What you have to do: Where the data below begins, start duplicating lines exactly, and finish with the line containing "doc.styles.add('Arial B', font='arialbd.ttf')"; add nothing else. Leave the pictures out.

---------- Material to process ----------

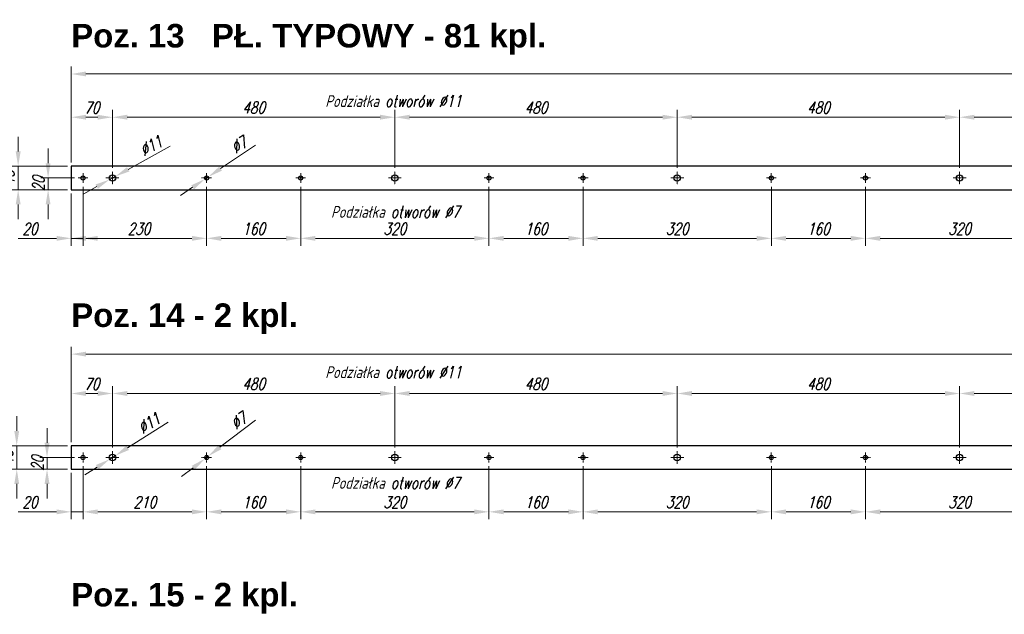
# Model space of a CAD drawing. Header units: millimetres. Extents: x -176817 to 571382, y -58489 to 156123.
# Tile 113 of 256: x -73464 to -71790, y 99619 to 100630. Entities that reach past the tile are written whole.
import ezdxf

# ---------------------------------------------------------------- set-up
doc = ezdxf.new("R2010")
doc.units = ezdxf.units.MM
doc.header["$LTSCALE"] = 0.2
doc.linetypes.add('AM_ISO08W050', pattern=[18, 12, -1.5, 3, -1.5])
doc.linetypes.add('AM_ISO08W050x2', pattern=[9, 6, -0.75, 1.5, -0.75])
doc.layers.get('Defpoints').update_dxf_attribs({"lineweight": 13})
for name, color, linetype, lineweight in [('-AAA Opisy2', 71, 'Continuous', 18), ('-AAA Siatka', 20, 'Continuous', 40), ('-AAA Widok', 2, 'Continuous', 30), ('-AAA Wymiar', 1, 'Continuous', 18), ('AM_7', 4, 'AM_ISO08W050', 13)]:
    doc.layers.add(name, color=color, linetype=linetype, lineweight=lineweight)
doc.styles.add('Arial B', font='arialbd.ttf')
doc.styles.add('WYMIARY', font='ROMANS.shx', dxfattribs={"width": 0.75, "oblique": 15})
doc.dimstyles.new('1 do 10', dxfattribs={"dimscale": 10, "dimtxt": 2, "dimasz": 2.5, "dimexe": 1.25, "dimexo": 0.625, "dimtad": 1, "dimdec": 1, "dimtxsty": 'WYMIARY', "dimcen": 2.5, "dimclrd": 256, "dimclre": 256, "dimclrt": 5, "dimadec": 0, "dimazin": 0, "dimtfac": 1, "dimtdec": 1, "dimtmove": 0, "dimatfit": 3, "dimfxl": 1.25, "dimlwd": -1, "dimlwe": -1, "dimarcsym": 0})

# ---------------------------------------------------------------- blocks, each defined once
blk = doc.blocks.new('PŁ TYPOWY')
at = {"layer": '-AAA Siatka'}
for p in [(20, -230), (20, -390), (20, -710), (20, -870), (20, -1190), (20, -1350)]:
    blk.add_point(p, dxfattribs=at)
at = {"layer": '-AAA Widok'}
blk.add_lwpolyline([(0, -3980), (40, -3980), (40, 0), (0, 0)], close=True, dxfattribs=at)
for centre, radius in [((20, -20), 3.5), ((20, -70), 5.5), ((20, -230), 3.5), ((20, -390), 3.5), ((20, -550), 5.5), ((20, -710), 3.5), ((20, -870), 3.5), ((20, -1030), 5.5), ((20, -1190), 3.5), ((20, -1350), 3.5), ((20, -1510), 5.5)]:
    blk.add_circle(centre, radius, dxfattribs=at)
at = {"layer": 'AM_7', "linetype": 'AM_ISO08W050x2'}
for p, q in [((20, -20), (20, -11.5)), ((20, -20), (11.5, -20)), ((20, -20), (28.5, -20)), ((20, -20), (20, -28.5)), ((20, -70), (20, -59)), ((20, -70), (9, -70)), ((20, -70), (31, -70)), ((20, -70), (20, -81)), ((20, -230), (11.5, -230)), ((20, -230), (20, -221.5)), ((20, -230), (28.5, -230)), ((20, -230), (20, -238.5)), ((20, -390), (20, -381.5)), ((20, -390), (11.5, -390)), ((20, -390), (28.5, -390)), ((20, -390), (20, -398.5)), ((20, -550), (9, -550)), ((20, -550), (20, -539)), ((20, -550), (31, -550)), ((20, -550), (20, -561)), ((20, -710), (20, -701.5)), ((20, -710), (11.5, -710)), ((20, -710), (28.5, -710)), ((20, -710), (20, -718.5)), ((20, -870), (11.5, -870)), ((20, -870), (20, -861.5)), ((20, -870), (28.5, -870)), ((20, -870), (20, -878.5)), ((20, -1030), (20, -1019)), ((20, -1030), (9, -1030)), ((20, -1030), (31, -1030)), ((20, -1030), (20, -1041)), ((20, -1190), (20, -1181.5)), ((20, -1190), (11.5, -1190)), ((20, -1190), (28.5, -1190)), ((20, -1190), (20, -1198.5)), ((20, -1350), (11.5, -1350)), ((20, -1350), (20, -1341.5)), ((20, -1350), (28.5, -1350)), ((20, -1350), (20, -1358.5)), ((20, -1510), (20, -1499)), ((20, -1510), (9, -1510)), ((20, -1510), (31, -1510)), ((20, -1510), (20, -1521))]:
    blk.add_line(p, q, dxfattribs=at)
blk = doc.blocks.new('PŁ B-1')
at = {"layer": '-AAA Siatka'}
for p in [(20, -230), (20, -390), (20, -710), (20, -870), (20, -1190), (20, -1350)]:
    blk.add_point(p, dxfattribs=at)
at = {"layer": '-AAA Widok'}
blk.add_lwpolyline([(0, -3980), (40, -3980), (40, 0), (0, 0)], close=True, dxfattribs=at)
for centre, radius in [((20, -20), 3.5), ((20, -70), 5.5), ((20, -230), 3.5), ((20, -390), 3.5), ((20, -550), 5.5), ((20, -710), 3.5), ((20, -870), 3.5), ((20, -1030), 5.5), ((20, -1190), 3.5), ((20, -1350), 3.5), ((20, -1510), 5.5)]:
    blk.add_circle(centre, radius, dxfattribs=at)
at = {"layer": 'AM_7', "linetype": 'AM_ISO08W050x2'}
for p, q in [((20, -20), (20, -11.5)), ((20, -20), (11.5, -20)), ((20, -20), (28.5, -20)), ((20, -20), (20, -28.5)), ((20, -70), (20, -59)), ((20, -70), (9, -70)), ((20, -70), (31, -70)), ((20, -70), (20, -81)), ((20, -230), (11.5, -230)), ((20, -230), (20, -221.5)), ((20, -230), (28.5, -230)), ((20, -230), (20, -238.5)), ((20, -390), (20, -381.5)), ((20, -390), (11.5, -390)), ((20, -390), (28.5, -390)), ((20, -390), (20, -398.5)), ((20, -550), (9, -550)), ((20, -550), (20, -539)), ((20, -550), (31, -550)), ((20, -550), (20, -561)), ((20, -710), (20, -701.5)), ((20, -710), (11.5, -710)), ((20, -710), (28.5, -710)), ((20, -710), (20, -718.5)), ((20, -870), (11.5, -870)), ((20, -870), (20, -861.5)), ((20, -870), (28.5, -870)), ((20, -870), (20, -878.5)), ((20, -1030), (20, -1019)), ((20, -1030), (9, -1030)), ((20, -1030), (31, -1030)), ((20, -1030), (20, -1041)), ((20, -1190), (20, -1181.5)), ((20, -1190), (11.5, -1190)), ((20, -1190), (28.5, -1190)), ((20, -1190), (20, -1198.5)), ((20, -1350), (11.5, -1350)), ((20, -1350), (20, -1341.5)), ((20, -1350), (28.5, -1350)), ((20, -1350), (20, -1358.5)), ((20, -1510), (20, -1499)), ((20, -1510), (9, -1510)), ((20, -1510), (31, -1510)), ((20, -1510), (20, -1521))]:
    blk.add_line(p, q, dxfattribs=at)
blk = doc.blocks.new('*D290')
at = {"layer": '-AAA Wymiar', "transparency": 16777216}
for p, q in [((-73208.1, 100415.1), (-73279.7, 100375.6)), ((-73311.3, 100358.3), (-73301.6, 100363.6)), ((-73333.2, 100346.3), (-73355.1, 100334.2))]:
    blk.add_line(p, q, dxfattribs=at)
for points in [[(-73281.7, 100379.3), (-73277.7, 100372), (-73301.6, 100363.6)], [(-73335.2, 100349.9), (-73331.2, 100342.6), (-73311.3, 100358.3)]]:
    blk.add_solid(points, dxfattribs=at)
at = {"layer": 'Defpoints', "color": 0, "transparency": 16777216}
for p in [(-73311.3, 100358.3), (-73301.6, 100363.6)]:
    blk.add_point(p, dxfattribs=at)
at = {"layer": '-AAA Wymiar', "color": 5, "transparency": 16777216, "insert": (-73240.8, 100415.6), "char_height": 20, "attachment_point": 5, "rotation": 28.8061, "style": 'WYMIARY'}
blk.add_mtext('∅11', dxfattribs=at)
blk = doc.blocks.new('*D291')
at = {"layer": '-AAA Wymiar', "transparency": 16777216}
for p, q in [((-73063, 100416.6), (-73122.7, 100376.8)), ((-73149.4, 100359), (-73143.5, 100362.9)), ((-73170.1, 100345.1), (-73190.9, 100331.2))]:
    blk.add_line(p, q, dxfattribs=at)
for points in [[(-73125.1, 100380.2), (-73120.4, 100373.3), (-73143.5, 100362.9)], [(-73172.5, 100348.6), (-73167.8, 100341.7), (-73149.4, 100359)]]:
    blk.add_solid(points, dxfattribs=at)
at = {"layer": 'Defpoints', "color": 0, "transparency": 16777216}
for p in [(-73149.4, 100359), (-73143.5, 100362.9)]:
    blk.add_point(p, dxfattribs=at)
at = {"layer": '-AAA Wymiar', "color": 5, "transparency": 16777216, "insert": (-73091.5, 100417.2), "char_height": 20, "attachment_point": 5, "rotation": 33.7301, "style": 'WYMIARY'}
blk.add_mtext('∅7', dxfattribs=at)
blk = doc.blocks.new('*D292')
at = {"layer": '-AAA Wymiar', "transparency": 16777216}
for p, q in [((-73376.4, 100387.2), (-73376.4, 100476.7)), ((-73306.4, 100378.2), (-73306.4, 100476.7)), ((-73351.4, 100464.2), (-73331.4, 100464.2))]:
    blk.add_line(p, q, dxfattribs=at)
for points in [[(-73351.4, 100468.4), (-73351.4, 100460.1), (-73376.4, 100464.2)], [(-73331.4, 100468.4), (-73331.4, 100460.1), (-73306.4, 100464.2)]]:
    blk.add_solid(points, dxfattribs=at)
at = {"layer": 'Defpoints', "color": 0, "transparency": 16777216}
for p in [(-73306.4, 100464.2), (-73376.4, 100381), (-73306.4, 100372)]:
    blk.add_point(p, dxfattribs=at)
at = {"layer": '-AAA Wymiar', "color": 5, "transparency": 16777216, "insert": (-73341.4, 100480.5), "char_height": 20, "attachment_point": 5, "style": 'WYMIARY'}
blk.add_mtext('70', dxfattribs=at)
blk = doc.blocks.new('*D293')
at = {"layer": '-AAA Wymiar', "transparency": 16777216}
for p, q in [((-73306.4, 100378.2), (-73306.4, 100476.7)), ((-72826.4, 100378.2), (-72826.4, 100476.7)), ((-73281.4, 100464.2), (-72851.4, 100464.2))]:
    blk.add_line(p, q, dxfattribs=at)
for points in [[(-73281.4, 100468.4), (-73281.4, 100460.1), (-73306.4, 100464.2)], [(-72851.4, 100468.4), (-72851.4, 100460.1), (-72826.4, 100464.2)]]:
    blk.add_solid(points, dxfattribs=at)
at = {"layer": 'Defpoints', "color": 0, "transparency": 16777216}
for p in [(-72826.4, 100464.2), (-73306.4, 100372), (-72826.4, 100372)]:
    blk.add_point(p, dxfattribs=at)
at = {"layer": '-AAA Wymiar', "color": 5, "transparency": 16777216, "insert": (-73066.4, 100480.5), "char_height": 20, "attachment_point": 5, "style": 'WYMIARY'}
blk.add_mtext('480', dxfattribs=at)
blk = doc.blocks.new('*D294')
at = {"layer": '-AAA Wymiar', "transparency": 16777216}
for p, q in [((-72826.4, 100378.2), (-72826.4, 100476.7)), ((-72346.4, 100378.2), (-72346.4, 100476.7)), ((-72801.4, 100464.2), (-72371.4, 100464.2))]:
    blk.add_line(p, q, dxfattribs=at)
for points in [[(-72801.4, 100468.4), (-72801.4, 100460.1), (-72826.4, 100464.2)], [(-72371.4, 100468.4), (-72371.4, 100460.1), (-72346.4, 100464.2)]]:
    blk.add_solid(points, dxfattribs=at)
at = {"layer": 'Defpoints', "color": 0, "transparency": 16777216}
for p in [(-72346.4, 100464.2), (-72826.4, 100372), (-72346.4, 100372)]:
    blk.add_point(p, dxfattribs=at)
at = {"layer": '-AAA Wymiar', "color": 5, "transparency": 16777216, "insert": (-72586.4, 100480.5), "char_height": 20, "attachment_point": 5, "style": 'WYMIARY'}
blk.add_mtext('480', dxfattribs=at)
blk = doc.blocks.new('*D295')
at = {"layer": '-AAA Wymiar', "transparency": 16777216}
for p, q in [((-72346.4, 100378.2), (-72346.4, 100476.7)), ((-71866.4, 100378.2), (-71866.4, 100476.7)), ((-72321.4, 100464.2), (-71891.4, 100464.2))]:
    blk.add_line(p, q, dxfattribs=at)
for points in [[(-72321.4, 100468.4), (-72321.4, 100460.1), (-72346.4, 100464.2)], [(-71891.4, 100468.4), (-71891.4, 100460.1), (-71866.4, 100464.2)]]:
    blk.add_solid(points, dxfattribs=at)
at = {"layer": 'Defpoints', "color": 0, "transparency": 16777216}
for p in [(-71866.4, 100464.2), (-72346.4, 100372), (-71866.4, 100372)]:
    blk.add_point(p, dxfattribs=at)
at = {"layer": '-AAA Wymiar', "color": 5, "transparency": 16777216, "insert": (-72106.4, 100480.5), "char_height": 20, "attachment_point": 5, "style": 'WYMIARY'}
blk.add_mtext('480', dxfattribs=at)
blk = doc.blocks.new('*D296')
at = {"layer": '-AAA Wymiar', "transparency": 16777216}
for p, q in [((-71866.4, 100378.2), (-71866.4, 100476.7)), ((-71386.4, 100378.2), (-71386.4, 100476.7)), ((-71841.4, 100464.2), (-71411.4, 100464.2))]:
    blk.add_line(p, q, dxfattribs=at)
for points in [[(-71841.4, 100468.4), (-71841.4, 100460.1), (-71866.4, 100464.2)], [(-71411.4, 100468.4), (-71411.4, 100460.1), (-71386.4, 100464.2)]]:
    blk.add_solid(points, dxfattribs=at)
at = {"layer": 'Defpoints', "color": 0, "transparency": 16777216}
for p in [(-71386.4, 100464.2), (-71866.4, 100372), (-71386.4, 100372)]:
    blk.add_point(p, dxfattribs=at)
at = {"layer": '-AAA Wymiar', "color": 5, "transparency": 16777216, "insert": (-71626.4, 100480.5), "char_height": 20, "attachment_point": 5, "style": 'WYMIARY'}
blk.add_mtext('480', dxfattribs=at)
blk = doc.blocks.new('*D302')
at = {"layer": '-AAA Wymiar', "transparency": 16777216}
for p, q in [((-73376.4, 100387.2), (-73376.4, 100550.2)), ((-69396.4, 100387.2), (-69396.4, 100550.2)), ((-73351.4, 100537.7), (-69421.4, 100537.7))]:
    blk.add_line(p, q, dxfattribs=at)
for points in [[(-73351.4, 100541.9), (-73351.4, 100533.6), (-73376.4, 100537.7)], [(-69421.4, 100541.9), (-69421.4, 100533.6), (-69396.4, 100537.7)]]:
    blk.add_solid(points, dxfattribs=at)
at = {"layer": 'Defpoints', "color": 0, "transparency": 16777216}
for p in [(-69396.4, 100537.7), (-73376.4, 100381), (-69396.4, 100381)]:
    blk.add_point(p, dxfattribs=at)
at = {"layer": '-AAA Wymiar', "color": 5, "transparency": 16777216, "insert": (-71386.4, 100554), "char_height": 20, "attachment_point": 5, "style": 'WYMIARY'}
blk.add_mtext('3980', dxfattribs=at)
blk = doc.blocks.new('*D303')
at = {"layer": '-AAA Wymiar', "transparency": 16777216}
for p, q in [((-73356.4, 100346.2), (-73356.4, 100245.9)), ((-73376.4, 100334.7), (-73376.4, 100245.9)), ((-73401.4, 100258.4), (-73466.9, 100258.4)), ((-73356.4, 100258.4), (-73376.4, 100258.4)), ((-73331.4, 100258.4), (-73306.4, 100258.4))]:
    blk.add_line(p, q, dxfattribs=at)
for points in [[(-73401.4, 100262.5), (-73401.4, 100254.2), (-73376.4, 100258.4)], [(-73331.4, 100262.5), (-73331.4, 100254.2), (-73356.4, 100258.4)]]:
    blk.add_solid(points, dxfattribs=at)
at = {"layer": 'Defpoints', "color": 0, "transparency": 16777216}
for p in [(-73376.4, 100341), (-73356.4, 100352.5), (-73356.4, 100258.4)]:
    blk.add_point(p, dxfattribs=at)
at = {"layer": '-AAA Wymiar', "color": 5, "transparency": 16777216, "insert": (-73446.7, 100274.6), "char_height": 20, "attachment_point": 5, "style": 'WYMIARY'}
blk.add_mtext('20', dxfattribs=at)
blk = doc.blocks.new('*D304')
at = {"layer": '-AAA Wymiar', "transparency": 16777216}
for p, q in [((-73415.8, 100386), (-73415.8, 100411)), ((-73371.2, 100361), (-73428.3, 100361)), ((-73415.8, 100341), (-73415.8, 100361)), ((-73382.7, 100341), (-73428.3, 100341)), ((-73415.8, 100316), (-73415.8, 100291))]:
    blk.add_line(p, q, dxfattribs=at)
for points in [[(-73420, 100386), (-73411.7, 100386), (-73415.8, 100361)], [(-73420, 100316), (-73411.7, 100316), (-73415.8, 100341)]]:
    blk.add_solid(points, dxfattribs=at)
at = {"layer": 'Defpoints', "color": 0, "transparency": 16777216}
for p in [(-73415.8, 100361), (-73364.9, 100361), (-73376.4, 100341)]:
    blk.add_point(p, dxfattribs=at)
at = {"layer": '-AAA Wymiar', "color": 5, "transparency": 16777216, "insert": (-73432.1, 100351), "char_height": 20, "attachment_point": 5, "rotation": 90, "style": 'WYMIARY'}
blk.add_mtext('20', dxfattribs=at)
blk = doc.blocks.new('*D305')
at = {"layer": '-AAA Wymiar', "transparency": 16777216}
for p, q in [((-73466.7, 100406), (-73466.7, 100431)), ((-73382.7, 100381), (-73479.2, 100381)), ((-73466.7, 100381), (-73466.7, 100341)), ((-73382.7, 100341), (-73479.2, 100341)), ((-73466.7, 100316), (-73466.7, 100291))]:
    blk.add_line(p, q, dxfattribs=at)
for points in [[(-73470.9, 100406), (-73462.5, 100406), (-73466.7, 100381)], [(-73470.9, 100316), (-73462.5, 100316), (-73466.7, 100341)]]:
    blk.add_solid(points, dxfattribs=at)
at = {"layer": 'Defpoints', "color": 0, "transparency": 16777216}
for p in [(-73376.4, 100381), (-73466.7, 100341), (-73376.4, 100341)]:
    blk.add_point(p, dxfattribs=at)
at = {"layer": '-AAA Wymiar', "color": 5, "transparency": 16777216, "insert": (-73482.9, 100361), "char_height": 20, "attachment_point": 5, "rotation": 90, "style": 'WYMIARY'}
blk.add_mtext('40', dxfattribs=at)
blk = doc.blocks.new('*D306')
at = {"layer": '-AAA Wymiar', "transparency": 16777216}
for p, q in [((-73146.4, 100346.2), (-73146.4, 100245.9)), ((-73376.4, 100334.7), (-73376.4, 100245.9)), ((-73351.4, 100258.4), (-73171.4, 100258.4))]:
    blk.add_line(p, q, dxfattribs=at)
for points in [[(-73351.4, 100262.5), (-73351.4, 100254.2), (-73376.4, 100258.4)], [(-73171.4, 100262.5), (-73171.4, 100254.2), (-73146.4, 100258.4)]]:
    blk.add_solid(points, dxfattribs=at)
at = {"layer": 'Defpoints', "color": 0, "transparency": 16777216}
for p in [(-73376.4, 100341), (-73146.4, 100352.5), (-73146.4, 100258.4)]:
    blk.add_point(p, dxfattribs=at)
at = {"layer": '-AAA Wymiar', "color": 5, "transparency": 16777216, "insert": (-73261.4, 100274.6), "char_height": 20, "attachment_point": 5, "style": 'WYMIARY'}
blk.add_mtext('230', dxfattribs=at)
blk = doc.blocks.new('*D307')
at = {"layer": '-AAA Wymiar', "transparency": 16777216}
for p, q in [((-73146.4, 100346.2), (-73146.4, 100245.9)), ((-72986.4, 100346.2), (-72986.4, 100245.9)), ((-73121.4, 100258.4), (-73011.4, 100258.4))]:
    blk.add_line(p, q, dxfattribs=at)
for points in [[(-73121.4, 100262.5), (-73121.4, 100254.2), (-73146.4, 100258.4)], [(-73011.4, 100262.5), (-73011.4, 100254.2), (-72986.4, 100258.4)]]:
    blk.add_solid(points, dxfattribs=at)
at = {"layer": 'Defpoints', "color": 0, "transparency": 16777216}
for p in [(-73146.4, 100352.5), (-72986.4, 100352.5), (-72986.4, 100258.4)]:
    blk.add_point(p, dxfattribs=at)
at = {"layer": '-AAA Wymiar', "color": 5, "transparency": 16777216, "insert": (-73066.4, 100274.6), "char_height": 20, "attachment_point": 5, "style": 'WYMIARY'}
blk.add_mtext('160', dxfattribs=at)
blk = doc.blocks.new('*D308')
at = {"layer": '-AAA Wymiar', "transparency": 16777216}
for p, q in [((-72986.4, 100346.2), (-72986.4, 100245.9)), ((-72666.4, 100346.2), (-72666.4, 100245.9)), ((-72961.4, 100258.4), (-72691.4, 100258.4))]:
    blk.add_line(p, q, dxfattribs=at)
for points in [[(-72961.4, 100262.5), (-72961.4, 100254.2), (-72986.4, 100258.4)], [(-72691.4, 100262.5), (-72691.4, 100254.2), (-72666.4, 100258.4)]]:
    blk.add_solid(points, dxfattribs=at)
at = {"layer": 'Defpoints', "color": 0, "transparency": 16777216}
for p in [(-72986.4, 100352.5), (-72666.4, 100352.5), (-72666.4, 100258.4)]:
    blk.add_point(p, dxfattribs=at)
at = {"layer": '-AAA Wymiar', "color": 5, "transparency": 16777216, "insert": (-72826.4, 100274.6), "char_height": 20, "attachment_point": 5, "style": 'WYMIARY'}
blk.add_mtext('320', dxfattribs=at)
blk = doc.blocks.new('*D309')
at = {"layer": '-AAA Wymiar', "transparency": 16777216}
for p, q in [((-72666.4, 100346.2), (-72666.4, 100245.9)), ((-72506.4, 100346.2), (-72506.4, 100245.9)), ((-72641.4, 100258.4), (-72531.4, 100258.4))]:
    blk.add_line(p, q, dxfattribs=at)
for points in [[(-72641.4, 100262.5), (-72641.4, 100254.2), (-72666.4, 100258.4)], [(-72531.4, 100262.5), (-72531.4, 100254.2), (-72506.4, 100258.4)]]:
    blk.add_solid(points, dxfattribs=at)
at = {"layer": 'Defpoints', "color": 0, "transparency": 16777216}
for p in [(-72666.4, 100352.5), (-72506.4, 100352.5), (-72506.4, 100258.4)]:
    blk.add_point(p, dxfattribs=at)
at = {"layer": '-AAA Wymiar', "color": 5, "transparency": 16777216, "insert": (-72586.4, 100274.6), "char_height": 20, "attachment_point": 5, "style": 'WYMIARY'}
blk.add_mtext('160', dxfattribs=at)
blk = doc.blocks.new('*D310')
at = {"layer": '-AAA Wymiar', "transparency": 16777216}
for p, q in [((-72506.4, 100346.2), (-72506.4, 100245.9)), ((-72186.4, 100346.2), (-72186.4, 100245.9)), ((-72481.4, 100258.4), (-72211.4, 100258.4))]:
    blk.add_line(p, q, dxfattribs=at)
for points in [[(-72481.4, 100262.5), (-72481.4, 100254.2), (-72506.4, 100258.4)], [(-72211.4, 100262.5), (-72211.4, 100254.2), (-72186.4, 100258.4)]]:
    blk.add_solid(points, dxfattribs=at)
at = {"layer": 'Defpoints', "color": 0, "transparency": 16777216}
for p in [(-72506.4, 100352.5), (-72186.4, 100352.5), (-72186.4, 100258.4)]:
    blk.add_point(p, dxfattribs=at)
at = {"layer": '-AAA Wymiar', "color": 5, "transparency": 16777216, "insert": (-72346.4, 100274.6), "char_height": 20, "attachment_point": 5, "style": 'WYMIARY'}
blk.add_mtext('320', dxfattribs=at)
blk = doc.blocks.new('*D311')
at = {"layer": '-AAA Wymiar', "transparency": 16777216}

----------

Result:
# Model space of a CAD drawing. Header units: millimetres. Extents: x -176817 to 571382, y -58489 to 156123.
# Tile 113 of 256: x -73464 to -71790, y 99619 to 100630. Entities that reach past the tile are written whole.
import ezdxf

# ---------------------------------------------------------------- set-up
doc = ezdxf.new("R2010")
doc.units = ezdxf.units.MM
doc.header["$LTSCALE"] = 0.2
doc.linetypes.add('AM_ISO08W050', pattern=[18, 12, -1.5, 3, -1.5])
doc.linetypes.add('AM_ISO08W050x2', pattern=[9, 6, -0.75, 1.5, -0.75])
doc.layers.get('Defpoints').update_dxf_attribs({"lineweight": 13})
for name, color, linetype, lineweight in [('-AAA Opisy2', 71, 'Continuous', 18), ('-AAA Siatka', 20, 'Continuous', 40), ('-AAA Widok', 2, 'Continuous', 30), ('-AAA Wymiar', 1, 'Continuous', 18), ('AM_7', 4, 'AM_ISO08W050', 13)]:
    doc.layers.add(name, color=color, linetype=linetype, lineweight=lineweight)
doc.styles.add('Arial B', font='arialbd.ttf')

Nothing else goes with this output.